Leveraging data insights to help inform decisions about returning to the workplace
Just as important as Janssen’s commitment to advancing a vaccine candidate for COVID-19 is its commitment to keeping its employees safe and healthy.
The Janssen R&D Return to Workplace Taskforce, which Khan is a member of, is using data science to make tactical decisions about which labs can remain open, how many people can be on-site at a time, and how different company facilities are configured and sanitized.
“We have employees all over the world, so we’re taking an individualized approach that’s data-driven and evidence-based,” says Oren Shur, Senior Director of R&D Strategy and Operations, Janssen R&D.
To reduce the number of people working at any given location at any given time, for example, the company is setting up a model to track site density in real time and provide feedback about how employees should stagger their work hours. Johnson & Johnson is also relying on data to help determine if and how many employees should be tested for the novel coronavirus, and how frequently testing should occur.
We’ve built an analytical model called COVID Lens that takes into account factors like COVID-19 test sensitivity and specificity, the prevalence of the virus in the community, and the number of people working on-site.
“We’ve built an analytical model called COVID Lens that takes into account factors like COVID-19 test sensitivity and specificity, the prevalence of the virus in the community, and the number of people working on-site,” Shur says. “It then takes that input and provides a detailed picture of how much testing we need to perform in that area.”
Johnson & Johnson is also partnering with IBM to develop an app for employees, who can enter information about any symptoms they may be experiencing.
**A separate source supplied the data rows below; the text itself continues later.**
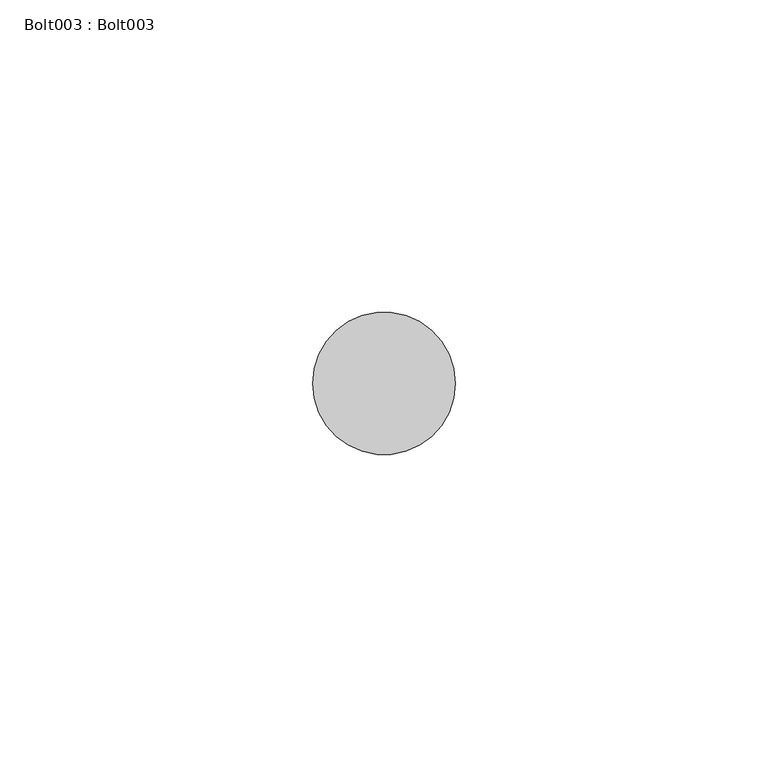
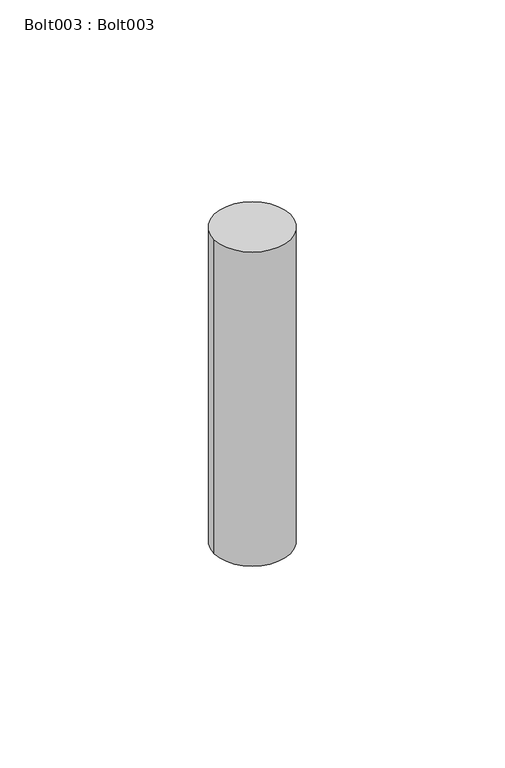
"""IFC4 building model written with IfcOpenShell, lengths in millimetres: proxy geometry, Bolt003 : Bolt003."""

from ifc_helpers import new_model, si_unit, point, frame, frame_2d, origin, place, context, project, spatial, circle_curve, trimmed, segment, composite_curve, outline, extrude, source, transform, mapped, element, save


def bolt003_bolt003_d269fbfb(model_context):
    return source(origin(), model_context, "Body", "SweptSolid", [
        extrude(outline(composite_curve([segment(trimmed(circle_curve(frame_2d((7415.2612305, -1781.8449707)), 11.4045168), [point((7403.8567137, -1781.8449707))], [point((7426.6657473, -1781.8449707))], False, "CARTESIAN"), True, "CONTINUOUS"), segment(trimmed(circle_curve(frame_2d((7415.2612305, -1781.8449707)), 11.4045168), [point((7426.6657473, -1781.8449707))], [point((7403.8567137, -1781.8449707))], False, "CARTESIAN"), True, "CONTINUOUS")], self_intersect=False)), frame((0.0, 0.0, 39994.0914664), z_axis=(0.0, 0.0, 1.0), x_axis=(1.0, 0.0, 0.0)), (0.0, 0.0, 1.0), 99.5545336),
    ])


if __name__ == "__main__":
    model = new_model("IFC4")
    model_context = context("Model", 3, world=origin())
    ifc_project = project(units=[si_unit("LENGTHUNIT", "METRE", prefix="MILLI")], contexts=[model_context])
    site = spatial("IfcSite", under=ifc_project)
    building = spatial("IfcBuilding", under=site)
    placement = place(None, origin())
    bolt003_bolt003_shape = bolt003_bolt003_d269fbfb(model_context)
    element("IfcBuildingElementProxy", 1, Name="Bolt003 : Bolt003", ObjectType="Bolt003 : Bolt003", at=placement, inside=building, context=model_context, shape_type="MappedRepresentation", body=[
        mapped(bolt003_bolt003_shape, transform((0.0, 0.0, 0.0), x_axis=(1.0, 0.0, 0.0), y_axis=(0.0, 1.0, 0.0), z_axis=(0.0, 0.0, 1.0))),
    ])
    save(model, "model.ifc")

# Revit data of these elements
# Type "Bolt003 : Bolt003"
#   NameOverride = "Bolt003"
# Element 1 (IfcBuildingElementProxy, "Bolt003 : Bolt003")
#   Materials on its faces: "BOLTS CONCEALED BY FLOOR FINISH"
# Materials
#   "BOLTS CONCEALED BY FLOOR FINISH": class "Unassigned", colour RGB 128 128 128, transparency 0
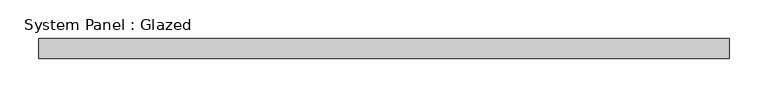
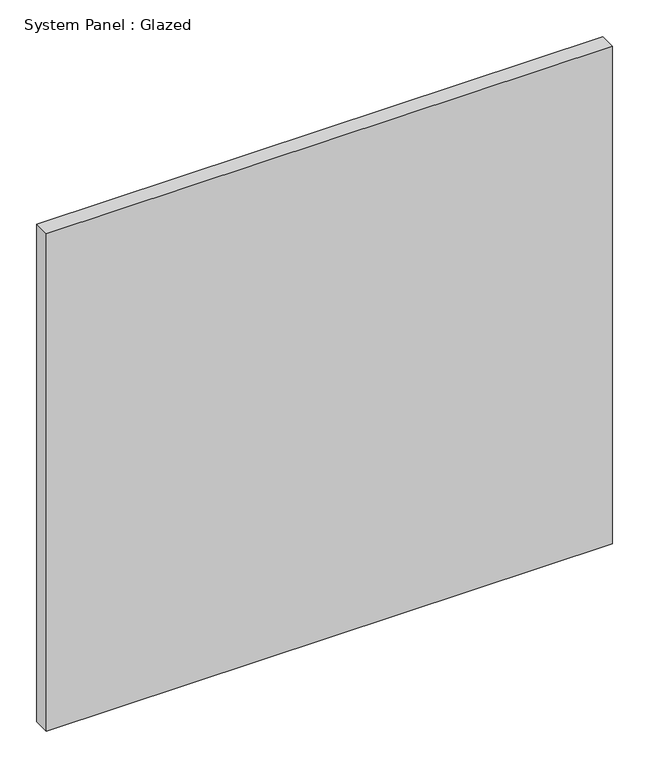
"""IFC4 building model written with IfcOpenShell, lengths in millimetres: plate geometry, System Panel : Glazed."""

from ifc_helpers import new_model, si_unit, origin, origin_with_axes, place, context, project, spatial, polyline, outline, extrude, source, transform, mapped, element, save


def system_panel_glazed_f362540c(model_context):
    return source(origin(), model_context, "Body", "SweptSolid", [
        extrude(outline(polyline([(444.4999998, -44.45), (-444.4999998, -44.45), (-444.4999998, -19.05), (444.4999998, -19.05), (444.4999998, -44.45)])), origin_with_axes(), (0.0, 0.0, 1.0), 825.5),
    ])


if __name__ == "__main__":
    model = new_model("IFC4")
    model_context = context("Model", 3, world=origin())
    ifc_project = project(units=[si_unit("LENGTHUNIT", "METRE", prefix="MILLI")], contexts=[model_context])
    site = spatial("IfcSite", under=ifc_project)
    building = spatial("IfcBuilding", under=site)
    placement = place(None, origin())
    system_panel_glazed_shape = system_panel_glazed_f362540c(model_context)
    element("IfcPlate", 1, ObjectType="System Panel : Glazed", at=placement, inside=building, context=model_context, shape_type="MappedRepresentation", body=[
        mapped(system_panel_glazed_shape, transform((0.0, 0.0, 0.0), x_axis=(1.0, 0.0, 0.0), y_axis=(0.0, 1.0, 0.0), z_axis=(0.0, 0.0, 1.0))),
    ])
    save(model, "model.ifc")

# Revit data of these elements
# Element 1 (IfcPlate, "System Panel : Glazed")
#   Materials on its faces: "Glass"
# Materials
#   "Glass": class "Glass", colour RGB 0 128 192, transparency 0.75

Shur says it will help play a critical role as the company moves into a later stage of its return-to-work plan, when a greater number of people will be working on-site. Through the app, employees can get approval from their managers to return to work, receiving a “green light” based on their responses to the questions.
“Certainly we all know that we shouldn’t work if we’re sick,” Shur says. But, as he notes, there’s a difference between “sensing in the back of your mind that you don’t feel well,” and going through the active process of inputting your symptoms into an app each morning, which can help make the decision to stay home more clear.
“Our employees are leading the way to build better medicines, potential vaccines and products for patients and consumers—and many are scientists and supply chain colleagues on the front line,” Khan says. “It’s a privilege to be part of a healthcare company that is ensuring both science and data science are central to accelerating the development of a potential COVID-19 vaccine candidate for those in need around the world. And it’s absolutely vital that we keep everyone safe.”